--- Records supplied Enclosed Below ---

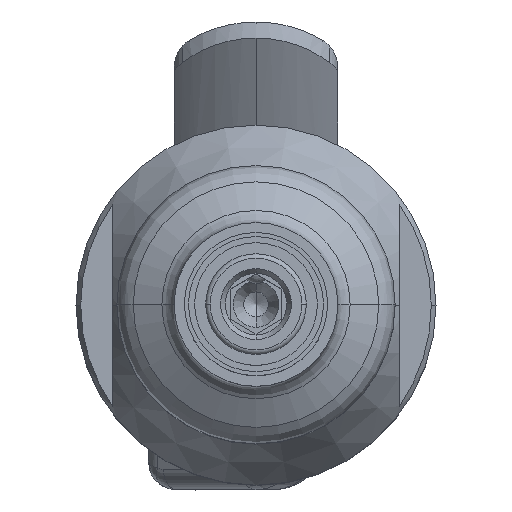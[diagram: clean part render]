
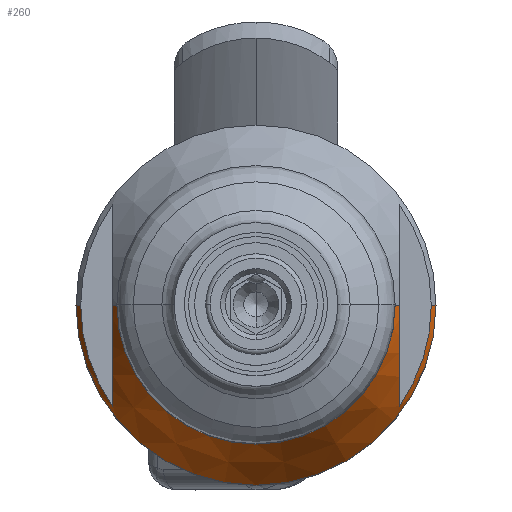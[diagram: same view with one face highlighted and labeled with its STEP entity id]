
A CAD part, top view. The second image highlights one B-rep face of the part: STEP entity #260.
In plain terms, the highlighted conical face has half-angle 30 degrees and reference radius 22 mm.
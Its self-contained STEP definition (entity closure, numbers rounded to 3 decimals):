
#254 = EDGE_LOOP ( 'NONE', ( #255, #258, #259, #295, #293, #281, #289, #291, #298, #288 ) ) ;
#255 = ORIENTED_EDGE ( 'NONE', *, *, #4612, .F. ) ;
#257 = EDGE_CURVE ( 'NONE', #4610, #4609, #5483, .T. ) ;
#258 = ORIENTED_EDGE ( 'NONE', *, *, #257, .F. ) ;
#259 = ORIENTED_EDGE ( 'NONE', *, *, #4355, .T. ) ;
#260 = ADVANCED_FACE ( 'NONE', ( #5479 ), #5478, .T. ) ;
#281 = ORIENTED_EDGE ( 'NONE', *, *, #4370, .T. ) ;
#283 = EDGE_CURVE ( 'NONE', #294, #4371, #5568, .T. ) ;
#284 = EDGE_CURVE ( 'NONE', #299, #4613, #5562, .T. ) ;
#287 = EDGE_CURVE ( 'NONE', #4619, #299, #5539, .T. ) ;
#288 = ORIENTED_EDGE ( 'NONE', *, *, #284, .T. ) ;
#289 = ORIENTED_EDGE ( 'NONE', *, *, #290, .T. ) ;
#290 = EDGE_CURVE ( 'NONE', #4577, #4580, #5601, .T. ) ;
#291 = ORIENTED_EDGE ( 'NONE', *, *, #4621, .F. ) ;
#292 = EDGE_CURVE ( 'NONE', #4366, #294, #5595, .T. ) ;
#293 = ORIENTED_EDGE ( 'NONE', *, *, #283, .T. ) ;
#294 = VERTEX_POINT ( 'NONE', #5596 ) ;
#295 = ORIENTED_EDGE ( 'NONE', *, *, #292, .T. ) ;
#298 = ORIENTED_EDGE ( 'NONE', *, *, #287, .T. ) ;
#299 = VERTEX_POINT ( 'NONE', #5594 ) ;
#4355 = EDGE_CURVE ( 'NONE', #4610, #4366, #26809, .T. ) ;
#4366 = VERTEX_POINT ( 'NONE', #26743 ) ;
#4370 = EDGE_CURVE ( 'NONE', #4371, #4577, #26855, .T. ) ;
#4371 = VERTEX_POINT ( 'NONE', #26848 ) ;
#4577 = VERTEX_POINT ( 'NONE', #27319 ) ;
#4580 = VERTEX_POINT ( 'NONE', #27423 ) ;
#4609 = VERTEX_POINT ( 'NONE', #27434 ) ;
#4610 = VERTEX_POINT ( 'NONE', #27432 ) ;
#4612 = EDGE_CURVE ( 'NONE', #4609, #4613, #27540, .T. ) ;
#4613 = VERTEX_POINT ( 'NONE', #27534 ) ;
#4619 = VERTEX_POINT ( 'NONE', #27496 ) ;
#4621 = EDGE_CURVE ( 'NONE', #4619, #4580, #27494, .T. ) ;
#5473 = DIRECTION ( 'NONE',  ( -1., 0., 0. ) ) ;
#5474 = DIRECTION ( 'NONE',  ( 0., 0., -1. ) ) ;
#5475 = CARTESIAN_POINT ( 'NONE',  ( 0., 0., -48.5 ) ) ;
#5476 = AXIS2_PLACEMENT_3D ( 'NONE', #5475, #5474, #5473 ) ;
#5478 = CONICAL_SURFACE ( 'NONE', #5476, 22., 0.524 ) ;
#5479 = FACE_OUTER_BOUND ( 'NONE', #254, .T. ) ;
#5480 = DIRECTION ( 'NONE',  ( 1., 0., 0. ) ) ;
#5481 = DIRECTION ( 'NONE',  ( 0., 0., 1. ) ) ;
#5482 = AXIS2_PLACEMENT_3D ( 'NONE', #5488, #5481, #5480 ) ;
#5483 = CIRCLE ( 'NONE', #5482, 17. ) ;
#5488 = CARTESIAN_POINT ( 'NONE',  ( 0., 0., -39.84 ) ) ;
#5536 = DIRECTION ( 'NONE',  ( -1., 0., 0. ) ) ;
#5537 = DIRECTION ( 'NONE',  ( 0., 0., -1. ) ) ;
#5538 = AXIS2_PLACEMENT_3D ( 'NONE', #5559, #5537, #5536 ) ;
#5539 = CIRCLE ( 'NONE', #5538, 21.423 ) ;
#5541 = CARTESIAN_POINT ( 'NONE',  ( 17.5, 0., -40.706 ) ) ;
#5542 = CARTESIAN_POINT ( 'NONE',  ( 17.5, -0.599, -40.706 ) ) ;
#5543 = CARTESIAN_POINT ( 'NONE',  ( 17.5, -1.196, -40.759 ) ) ;
#5544 = CARTESIAN_POINT ( 'NONE',  ( 17.5, -2.091, -40.917 ) ) ;
#5545 = CARTESIAN_POINT ( 'NONE',  ( 17.5, -2.39, -40.983 ) ) ;
#5546 = CARTESIAN_POINT ( 'NONE',  ( 17.5, -2.977, -41.137 ) ) ;
#5547 = CARTESIAN_POINT ( 'NONE',  ( 17.5, -3.266, -41.225 ) ) ;
#5548 = CARTESIAN_POINT ( 'NONE',  ( 17.5, -4.121, -41.52 ) ) ;
#5549 = CARTESIAN_POINT ( 'NONE',  ( 17.5, -4.675, -41.756 ) ) ;
#5550 = CARTESIAN_POINT ( 'NONE',  ( 17.5, -5.759, -42.292 ) ) ;
#5551 = CARTESIAN_POINT ( 'NONE',  ( 17.5, -6.29, -42.594 ) ) ;
#5552 = CARTESIAN_POINT ( 'NONE',  ( 17.5, -7.824, -43.556 ) ) ;
#5553 = CARTESIAN_POINT ( 'NONE',  ( 17.5, -8.782, -44.279 ) ) ;
#5554 = CARTESIAN_POINT ( 'NONE',  ( 17.5, -10.621, -45.824 ) ) ;
#5555 = CARTESIAN_POINT ( 'NONE',  ( 17.5, -11.502, -46.647 ) ) ;
#5559 = CARTESIAN_POINT ( 'NONE',  ( 0., 0., -47.5 ) ) ;
#5560 = CARTESIAN_POINT ( 'NONE',  ( 17.5, -12.356, -47.5 ) ) ;
#5562 = B_SPLINE_CURVE_WITH_KNOTS ( 'NONE', 3,
 ( #5560, #5555, #5554, #5553, #5552, #5551, #5550, #5549, #5548, #5547, #5546, #5545, #5544, #5543, #5542, #5541 ),
 .UNSPECIFIED., .F., .F.,
 ( 4, 2, 2, 2, 2, 2, 2, 4 ),
 ( 0.028, 0.032, 0.036, 0.037, 0.039, 0.04, 0.041, 0.043 ),
 .UNSPECIFIED. ) ;
#5564 = DIRECTION ( 'NONE',  ( -1., 0., 0. ) ) ;
#5565 = DIRECTION ( 'NONE',  ( 0., 0., -1. ) ) ;
#5566 = CARTESIAN_POINT ( 'NONE',  ( 0., 0., -47.5 ) ) ;
#5567 = AXIS2_PLACEMENT_3D ( 'NONE', #5566, #5565, #5564 ) ;
#5568 = CIRCLE ( 'NONE', #5567, 21.423 ) ;
#5574 = CARTESIAN_POINT ( 'NONE',  ( -17.5, -12.356, -47.5 ) ) ;
#5575 = CARTESIAN_POINT ( 'NONE',  ( -17.5, -11.502, -46.647 ) ) ;
#5576 = CARTESIAN_POINT ( 'NONE',  ( -17.5, -10.621, -45.824 ) ) ;
#5577 = CARTESIAN_POINT ( 'NONE',  ( -17.5, -8.782, -44.279 ) ) ;
#5578 = CARTESIAN_POINT ( 'NONE',  ( -17.5, -7.824, -43.556 ) ) ;
#5579 = CARTESIAN_POINT ( 'NONE',  ( -17.5, -6.29, -42.594 ) ) ;
#5580 = CARTESIAN_POINT ( 'NONE',  ( -17.5, -5.759, -42.292 ) ) ;
#5581 = CARTESIAN_POINT ( 'NONE',  ( -17.5, -4.675, -41.756 ) ) ;
#5582 = CARTESIAN_POINT ( 'NONE',  ( -17.5, -4.121, -41.52 ) ) ;
#5583 = CARTESIAN_POINT ( 'NONE',  ( -17.5, -3.266, -41.225 ) ) ;
#5584 = CARTESIAN_POINT ( 'NONE',  ( -17.5, -2.977, -41.137 ) ) ;
#5585 = CARTESIAN_POINT ( 'NONE',  ( -17.5, -2.39, -40.983 ) ) ;
#5586 = CARTESIAN_POINT ( 'NONE',  ( -17.5, -2.091, -40.917 ) ) ;
#5587 = CARTESIAN_POINT ( 'NONE',  ( -17.5, -1.196, -40.759 ) ) ;
#5588 = CARTESIAN_POINT ( 'NONE',  ( -17.5, -0.599, -40.706 ) ) ;
#5593 = CARTESIAN_POINT ( 'NONE',  ( -17.5, 0., -40.706 ) ) ;
#5594 = CARTESIAN_POINT ( 'NONE',  ( 17.5, -12.356, -47.5 ) ) ;
#5595 = B_SPLINE_CURVE_WITH_KNOTS ( 'NONE', 3,
 ( #5593, #5588, #5587, #5586, #5585, #5584, #5583, #5582, #5581, #5580, #5579, #5578, #5577, #5576, #5575, #5574 ),
 .UNSPECIFIED., .F., .F.,
 ( 4, 2, 2, 2, 2, 2, 2, 4 ),
 ( 0.04, 0.041, 0.042, 0.043, 0.045, 0.047, 0.05, 0.054 ),
 .UNSPECIFIED. ) ;
#5596 = CARTESIAN_POINT ( 'NONE',  ( -17.5, -12.356, -47.5 ) ) ;
#5597 = DIRECTION ( 'NONE',  ( 1., 0., 0. ) ) ;
#5598 = DIRECTION ( 'NONE',  ( 0., 0., 1. ) ) ;
#5599 = CARTESIAN_POINT ( 'NONE',  ( 0., 0., -48.5 ) ) ;
#5600 = AXIS2_PLACEMENT_3D ( 'NONE', #5599, #5598, #5597 ) ;
#5601 = CIRCLE ( 'NONE', #5600, 22. ) ;
#26743 = CARTESIAN_POINT ( 'NONE',  ( -17.5, 0., -40.706 ) ) ;
#26803 = DIRECTION ( 'NONE',  ( -0.5, 0., -0.866 ) ) ;
#26805 = VECTOR ( 'NONE', #26803, 1000. ) ;
#26807 = CARTESIAN_POINT ( 'NONE',  ( -22., 0., -48.5 ) ) ;
#26809 = LINE ( 'NONE', #26807, #26805 ) ;
#26848 = CARTESIAN_POINT ( 'NONE',  ( -21.423, 0., -47.5 ) ) ;
#26850 = DIRECTION ( 'NONE',  ( -0.5, 0., -0.866 ) ) ;
#26852 = VECTOR ( 'NONE', #26850, 1000. ) ;
#26854 = CARTESIAN_POINT ( 'NONE',  ( -22., 0., -48.5 ) ) ;
#26855 = LINE ( 'NONE', #26854, #26852 ) ;
#27319 = CARTESIAN_POINT ( 'NONE',  ( -22., 0., -48.5 ) ) ;
#27423 = CARTESIAN_POINT ( 'NONE',  ( 22., 0., -48.5 ) ) ;
#27432 = CARTESIAN_POINT ( 'NONE',  ( -17., 0., -39.84 ) ) ;
#27434 = CARTESIAN_POINT ( 'NONE',  ( 17., 0., -39.84 ) ) ;
#27491 = DIRECTION ( 'NONE',  ( 0.5, 0., -0.866 ) ) ;
#27492 = VECTOR ( 'NONE', #27491, 1000. ) ;
#27493 = CARTESIAN_POINT ( 'NONE',  ( 22., 0., -48.5 ) ) ;
#27494 = LINE ( 'NONE', #27493, #27492 ) ;
#27496 = CARTESIAN_POINT ( 'NONE',  ( 21.423, 0., -47.5 ) ) ;
#27534 = CARTESIAN_POINT ( 'NONE',  ( 17.5, 0., -40.706 ) ) ;
#27536 = DIRECTION ( 'NONE',  ( 0.5, 0., -0.866 ) ) ;
#27537 = VECTOR ( 'NONE', #27536, 1000. ) ;
#27539 = CARTESIAN_POINT ( 'NONE',  ( 22., 0., -48.5 ) ) ;
#27540 = LINE ( 'NONE', #27539, #27537 ) ;

--- End of Enclosed Records supplied ---

**About this exercise**
In the data above, find the line containing "[diagram: same view" and the line containing "#254 = EDGE_LOOP". Repeat those two lines and everything between them exactly, minus the pictures.

**Your response**
[diagram: same view with one face highlighted and labeled with its STEP entity id]
A CAD part, top view. The second image highlights one B-rep face of the part: STEP entity #260.
In plain terms, the highlighted conical face has half-angle 30 degrees and reference radius 22 mm.
Its self-contained STEP definition (entity closure, numbers rounded to 3 decimals):
#254 = EDGE_LOOP ( 'NONE', ( #255, #258, #259, #295, #293, #281, #289, #291, #298, #288 ) ) ;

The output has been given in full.